What happens, is that the cutting planes are themselves polytopes, of the face-dimension. So they can be used as faces. Cut out those which have either an even number of A's or an odd number of A's. You then get the equal of the Oho or Cho etc, by keeping just odd A's (AB, BA), or even A's (AA, BB). It works in all dimensions.
It's more common with tilings to have AB structures.
/4.3..3.4/ gives n-cubes, say, with the cells centred on the integer-coordinates. One can take a cube and make it AAA... (say, all even) The one directly opposite at the vertex is BBB... (say all odd coordinates) Then the A's and B's correspond to the even and odd numbers, and the B side of any plane is the one that faces the odd numbers.

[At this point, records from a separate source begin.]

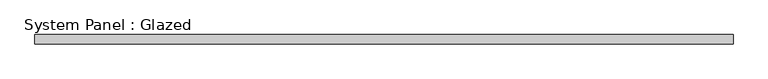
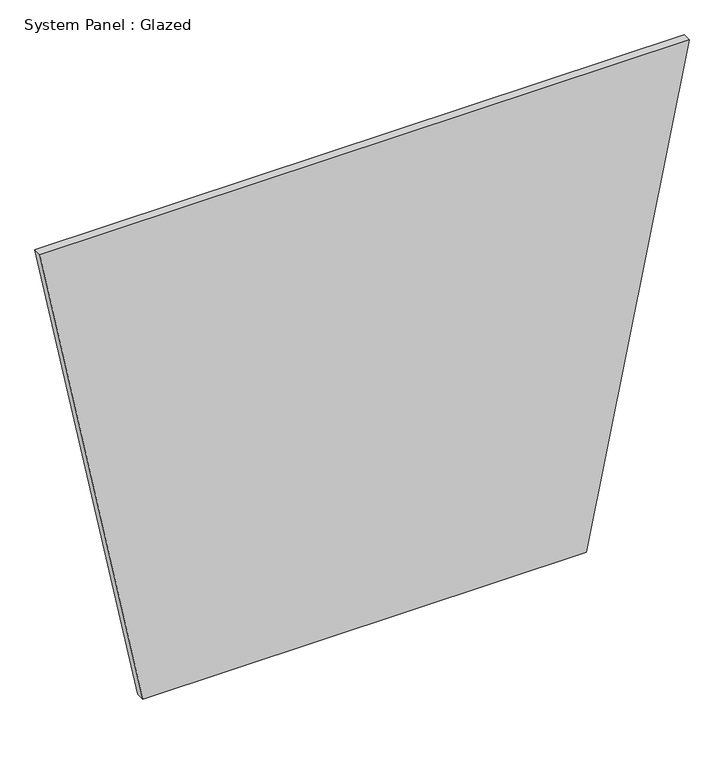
"""IFC4 building model written with IfcOpenShell, lengths in millimetres: plate geometry, System Panel : Glazed."""

from ifc_helpers import new_model, si_unit, frame, origin, place, context, project, spatial, polyline, outline, extrude, source, transform, mapped, element, save


def system_panel_glazed_94d2837d(model_context):
    return source(origin(), model_context, "Body", "SweptSolid", [
        extrude(outline(polyline([(0.0, -654.7171404), (0.0, 654.7171404), (1493.3788447, 958.6836288), (1493.3788447, -958.6836288), (0.0, -654.7171404)])), frame((0.0, 19.05, 0.0), z_axis=(0.0, 1.0, 0.0), x_axis=(0.0, 0.0, 1.0)), (0.0, 0.0, 1.0), 25.4),
    ])


if __name__ == "__main__":
    model = new_model("IFC4")
    model_context = context("Model", 3, world=origin())
    ifc_project = project(units=[si_unit("LENGTHUNIT", "METRE", prefix="MILLI")], contexts=[model_context])
    site = spatial("IfcSite", under=ifc_project)
    building = spatial("IfcBuilding", under=site)
    placement = place(None, origin())
    system_panel_glazed_shape = system_panel_glazed_94d2837d(model_context)
    element("IfcPlate", 1, ObjectType="System Panel : Glazed", at=placement, inside=building, context=model_context, shape_type="MappedRepresentation", body=[
        mapped(system_panel_glazed_shape, transform((0.0, 0.0, 0.0), x_axis=(1.0, 0.0, 0.0), y_axis=(0.0, 1.0, 0.0), z_axis=(0.0, 0.0, 1.0))),
    ])
    save(model, "model.ifc")

/3,3.....3: The group An produces this tiling, corresponding to a rhombic of 60°, with additional faces to slice the rhombics into planes, perpendicular to the vertices. Since the rhombic is itself an AB tiling, we just need to give direction to these additional slices to make it work. It does.
/3/3...3: This is the same construction as above, but the additional slicing planes are now halfway between the ones at the top. In other words, we are slicing halfway between vertices. The various AAAA.. is a simplex, BAAAA.. is a truncated simplex, BBAAA.. is a bitruncated simplex, etc.
Fun, fun. The cells are exactly as we predicted. Interestingly enough, the vertex figure of Tho is Thah (i.e., tetrahemihexahedron). So it's a direct 4D analogue.